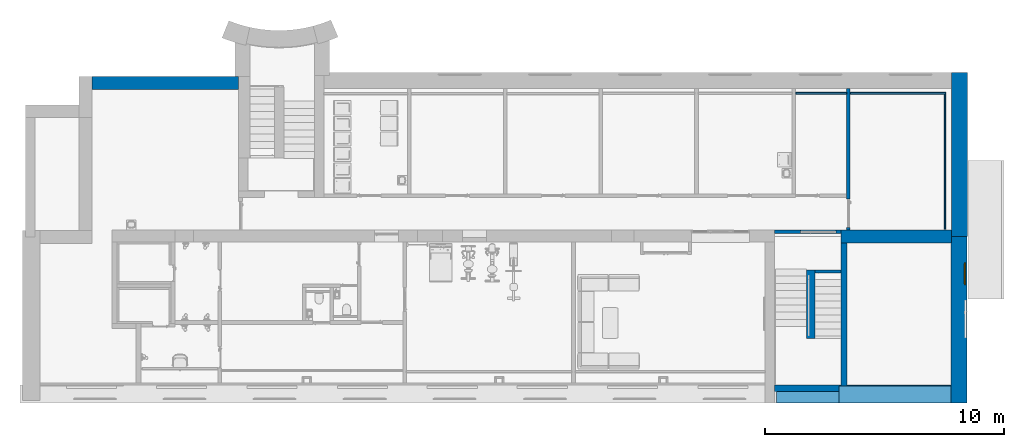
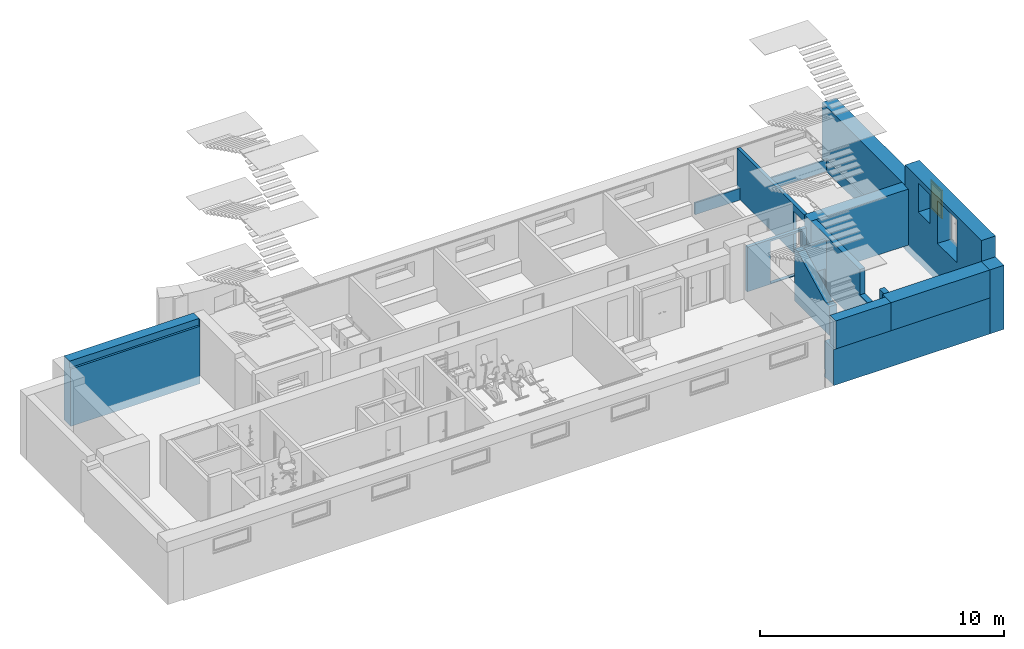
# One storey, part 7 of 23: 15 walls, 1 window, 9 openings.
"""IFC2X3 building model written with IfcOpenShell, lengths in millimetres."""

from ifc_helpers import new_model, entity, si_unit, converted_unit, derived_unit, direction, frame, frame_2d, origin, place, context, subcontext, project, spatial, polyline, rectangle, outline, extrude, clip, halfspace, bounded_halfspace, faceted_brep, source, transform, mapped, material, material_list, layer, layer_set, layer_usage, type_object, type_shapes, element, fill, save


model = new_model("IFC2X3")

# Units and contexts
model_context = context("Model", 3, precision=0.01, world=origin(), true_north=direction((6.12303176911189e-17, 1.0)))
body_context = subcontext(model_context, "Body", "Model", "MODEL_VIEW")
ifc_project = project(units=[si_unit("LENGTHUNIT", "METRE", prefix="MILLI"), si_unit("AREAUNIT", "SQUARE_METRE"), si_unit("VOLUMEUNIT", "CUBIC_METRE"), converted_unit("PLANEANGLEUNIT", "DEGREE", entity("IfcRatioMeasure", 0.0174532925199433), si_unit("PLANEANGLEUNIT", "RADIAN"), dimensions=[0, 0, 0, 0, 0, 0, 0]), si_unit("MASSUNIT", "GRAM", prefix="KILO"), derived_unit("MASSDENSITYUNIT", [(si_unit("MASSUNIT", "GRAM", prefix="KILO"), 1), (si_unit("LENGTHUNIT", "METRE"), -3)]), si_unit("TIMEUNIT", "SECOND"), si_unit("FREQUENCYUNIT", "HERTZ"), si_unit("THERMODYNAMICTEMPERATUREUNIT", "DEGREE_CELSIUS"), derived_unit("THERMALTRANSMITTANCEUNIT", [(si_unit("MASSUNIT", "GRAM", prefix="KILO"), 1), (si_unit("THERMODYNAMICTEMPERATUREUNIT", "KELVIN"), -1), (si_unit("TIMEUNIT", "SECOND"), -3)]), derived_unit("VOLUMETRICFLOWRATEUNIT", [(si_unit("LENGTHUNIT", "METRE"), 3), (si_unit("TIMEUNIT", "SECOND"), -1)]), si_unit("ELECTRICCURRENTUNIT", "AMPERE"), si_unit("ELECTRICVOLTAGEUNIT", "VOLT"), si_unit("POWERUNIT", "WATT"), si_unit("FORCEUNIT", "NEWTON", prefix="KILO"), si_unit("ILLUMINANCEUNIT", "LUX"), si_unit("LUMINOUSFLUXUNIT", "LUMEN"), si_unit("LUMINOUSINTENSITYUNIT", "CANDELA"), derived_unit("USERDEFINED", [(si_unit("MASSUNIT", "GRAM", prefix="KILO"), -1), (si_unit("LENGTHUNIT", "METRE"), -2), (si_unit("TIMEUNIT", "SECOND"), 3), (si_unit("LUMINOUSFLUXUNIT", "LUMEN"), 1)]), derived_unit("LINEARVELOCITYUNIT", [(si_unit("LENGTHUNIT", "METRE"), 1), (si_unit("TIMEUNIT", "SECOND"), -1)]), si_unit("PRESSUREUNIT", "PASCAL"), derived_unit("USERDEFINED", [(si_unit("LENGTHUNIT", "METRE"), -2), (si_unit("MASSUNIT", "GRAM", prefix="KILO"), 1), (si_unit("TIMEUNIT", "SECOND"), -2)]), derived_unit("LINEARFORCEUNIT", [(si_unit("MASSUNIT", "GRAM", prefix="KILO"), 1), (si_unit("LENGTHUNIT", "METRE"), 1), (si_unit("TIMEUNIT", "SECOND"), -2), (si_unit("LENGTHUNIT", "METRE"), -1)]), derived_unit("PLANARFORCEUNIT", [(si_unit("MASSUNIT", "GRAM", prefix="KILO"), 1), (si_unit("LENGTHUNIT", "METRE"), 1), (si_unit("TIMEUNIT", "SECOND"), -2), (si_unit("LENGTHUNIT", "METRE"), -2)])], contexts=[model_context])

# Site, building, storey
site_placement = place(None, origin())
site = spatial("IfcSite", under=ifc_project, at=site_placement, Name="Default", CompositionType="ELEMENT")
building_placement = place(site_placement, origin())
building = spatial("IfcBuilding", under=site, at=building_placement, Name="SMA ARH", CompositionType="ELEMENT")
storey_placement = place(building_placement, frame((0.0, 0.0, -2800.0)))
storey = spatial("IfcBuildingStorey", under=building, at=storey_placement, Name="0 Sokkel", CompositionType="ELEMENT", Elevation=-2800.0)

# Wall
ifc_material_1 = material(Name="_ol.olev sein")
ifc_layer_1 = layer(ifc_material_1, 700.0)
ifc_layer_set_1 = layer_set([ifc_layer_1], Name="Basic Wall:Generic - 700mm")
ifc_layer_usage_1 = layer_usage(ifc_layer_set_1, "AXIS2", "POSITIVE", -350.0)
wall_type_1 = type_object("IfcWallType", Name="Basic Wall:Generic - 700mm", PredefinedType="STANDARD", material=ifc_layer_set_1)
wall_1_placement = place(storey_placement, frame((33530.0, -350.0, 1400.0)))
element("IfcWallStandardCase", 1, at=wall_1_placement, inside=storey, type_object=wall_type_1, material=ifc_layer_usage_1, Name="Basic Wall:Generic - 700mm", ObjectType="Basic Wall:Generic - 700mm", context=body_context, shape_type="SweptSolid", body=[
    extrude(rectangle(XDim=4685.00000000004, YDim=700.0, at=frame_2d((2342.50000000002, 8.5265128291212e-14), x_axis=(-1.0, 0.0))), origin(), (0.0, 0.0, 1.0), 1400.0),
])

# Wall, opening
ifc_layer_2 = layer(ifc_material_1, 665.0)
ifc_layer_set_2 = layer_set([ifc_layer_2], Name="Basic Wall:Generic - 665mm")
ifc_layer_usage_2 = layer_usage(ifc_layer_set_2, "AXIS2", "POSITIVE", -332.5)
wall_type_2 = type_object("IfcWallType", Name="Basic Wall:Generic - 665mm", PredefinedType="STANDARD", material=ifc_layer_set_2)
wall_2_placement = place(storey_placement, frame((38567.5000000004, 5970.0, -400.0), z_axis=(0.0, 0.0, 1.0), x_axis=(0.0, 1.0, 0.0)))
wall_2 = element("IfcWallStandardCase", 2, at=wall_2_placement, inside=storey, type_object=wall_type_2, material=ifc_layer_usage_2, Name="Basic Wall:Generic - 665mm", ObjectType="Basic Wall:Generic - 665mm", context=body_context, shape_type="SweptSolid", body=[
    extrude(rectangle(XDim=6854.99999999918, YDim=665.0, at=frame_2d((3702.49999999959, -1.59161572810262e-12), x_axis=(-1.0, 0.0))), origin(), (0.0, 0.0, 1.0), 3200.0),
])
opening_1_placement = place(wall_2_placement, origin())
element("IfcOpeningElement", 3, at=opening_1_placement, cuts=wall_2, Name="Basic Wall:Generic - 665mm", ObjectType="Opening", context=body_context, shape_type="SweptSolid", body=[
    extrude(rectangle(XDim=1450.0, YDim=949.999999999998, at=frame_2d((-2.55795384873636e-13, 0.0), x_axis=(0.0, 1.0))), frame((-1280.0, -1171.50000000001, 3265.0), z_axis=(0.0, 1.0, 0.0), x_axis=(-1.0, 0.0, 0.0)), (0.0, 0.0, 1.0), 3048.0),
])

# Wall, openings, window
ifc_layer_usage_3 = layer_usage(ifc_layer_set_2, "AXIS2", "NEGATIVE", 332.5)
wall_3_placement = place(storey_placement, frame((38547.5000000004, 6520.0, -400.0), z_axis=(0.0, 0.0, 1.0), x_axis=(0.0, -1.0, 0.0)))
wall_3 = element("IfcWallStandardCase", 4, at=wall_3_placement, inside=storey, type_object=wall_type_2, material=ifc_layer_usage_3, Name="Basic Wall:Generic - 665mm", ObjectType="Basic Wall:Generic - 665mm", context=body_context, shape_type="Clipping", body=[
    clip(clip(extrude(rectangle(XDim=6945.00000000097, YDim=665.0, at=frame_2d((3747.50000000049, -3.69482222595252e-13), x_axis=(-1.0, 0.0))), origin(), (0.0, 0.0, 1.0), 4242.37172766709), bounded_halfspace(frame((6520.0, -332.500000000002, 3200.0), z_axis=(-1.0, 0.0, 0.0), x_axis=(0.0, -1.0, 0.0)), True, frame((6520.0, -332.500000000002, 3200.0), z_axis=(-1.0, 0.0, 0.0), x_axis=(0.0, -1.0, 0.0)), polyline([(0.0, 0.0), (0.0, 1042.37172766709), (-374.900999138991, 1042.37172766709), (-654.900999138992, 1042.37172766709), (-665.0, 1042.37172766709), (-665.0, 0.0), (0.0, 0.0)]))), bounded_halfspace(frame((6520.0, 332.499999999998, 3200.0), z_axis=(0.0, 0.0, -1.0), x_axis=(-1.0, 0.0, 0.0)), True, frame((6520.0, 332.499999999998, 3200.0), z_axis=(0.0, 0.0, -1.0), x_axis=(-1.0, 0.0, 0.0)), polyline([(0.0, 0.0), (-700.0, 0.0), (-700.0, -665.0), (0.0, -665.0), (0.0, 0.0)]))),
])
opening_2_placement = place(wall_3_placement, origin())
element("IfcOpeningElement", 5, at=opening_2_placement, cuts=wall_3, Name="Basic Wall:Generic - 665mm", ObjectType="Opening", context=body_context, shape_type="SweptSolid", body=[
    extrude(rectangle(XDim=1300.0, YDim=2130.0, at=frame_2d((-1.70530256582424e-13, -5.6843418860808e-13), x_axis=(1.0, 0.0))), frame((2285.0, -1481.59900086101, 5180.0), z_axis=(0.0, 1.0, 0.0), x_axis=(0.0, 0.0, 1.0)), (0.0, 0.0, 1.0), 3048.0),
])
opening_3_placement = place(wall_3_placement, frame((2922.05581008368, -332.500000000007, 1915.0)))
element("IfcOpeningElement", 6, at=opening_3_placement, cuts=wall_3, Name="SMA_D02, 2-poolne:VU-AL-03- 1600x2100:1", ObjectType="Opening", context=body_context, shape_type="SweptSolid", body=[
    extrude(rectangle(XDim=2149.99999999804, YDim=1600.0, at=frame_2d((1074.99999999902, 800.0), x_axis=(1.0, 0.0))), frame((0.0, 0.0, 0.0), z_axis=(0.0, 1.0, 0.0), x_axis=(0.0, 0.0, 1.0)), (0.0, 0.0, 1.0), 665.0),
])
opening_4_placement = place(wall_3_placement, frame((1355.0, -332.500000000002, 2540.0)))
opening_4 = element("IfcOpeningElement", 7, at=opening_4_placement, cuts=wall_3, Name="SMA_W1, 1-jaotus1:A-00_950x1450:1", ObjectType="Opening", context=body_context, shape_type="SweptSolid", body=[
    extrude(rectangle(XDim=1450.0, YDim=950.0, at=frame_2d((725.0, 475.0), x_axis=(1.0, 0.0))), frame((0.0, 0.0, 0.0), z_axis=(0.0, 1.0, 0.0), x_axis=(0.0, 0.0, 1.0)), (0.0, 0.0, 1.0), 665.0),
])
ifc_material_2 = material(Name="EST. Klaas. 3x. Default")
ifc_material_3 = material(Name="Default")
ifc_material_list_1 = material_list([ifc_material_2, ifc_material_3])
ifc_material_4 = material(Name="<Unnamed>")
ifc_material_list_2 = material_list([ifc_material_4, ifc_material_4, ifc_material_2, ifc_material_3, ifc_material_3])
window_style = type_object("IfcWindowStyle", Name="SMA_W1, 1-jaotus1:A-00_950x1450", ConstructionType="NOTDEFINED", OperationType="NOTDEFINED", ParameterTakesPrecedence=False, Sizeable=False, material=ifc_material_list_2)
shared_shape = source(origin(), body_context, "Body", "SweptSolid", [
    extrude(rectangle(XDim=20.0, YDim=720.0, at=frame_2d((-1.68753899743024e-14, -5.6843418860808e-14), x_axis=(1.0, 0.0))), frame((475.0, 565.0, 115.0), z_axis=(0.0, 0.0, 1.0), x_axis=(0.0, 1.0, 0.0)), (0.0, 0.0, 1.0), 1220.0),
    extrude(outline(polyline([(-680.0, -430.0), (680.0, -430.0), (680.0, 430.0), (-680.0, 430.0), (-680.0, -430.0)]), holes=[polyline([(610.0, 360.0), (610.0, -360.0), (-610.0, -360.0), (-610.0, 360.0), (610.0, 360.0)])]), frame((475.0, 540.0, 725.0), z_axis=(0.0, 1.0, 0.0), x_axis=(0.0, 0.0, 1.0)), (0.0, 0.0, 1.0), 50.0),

TASK ITEM: Take the records from their first line through the line containing "building model written" and please return exactly those lines, both ends included, minus the pictures.

RESULT:
# One storey, part 7 of 23: 15 walls, 1 window, 9 openings.
"""IFC2X3 building model written with IfcOpenShell, lengths in millimetres."""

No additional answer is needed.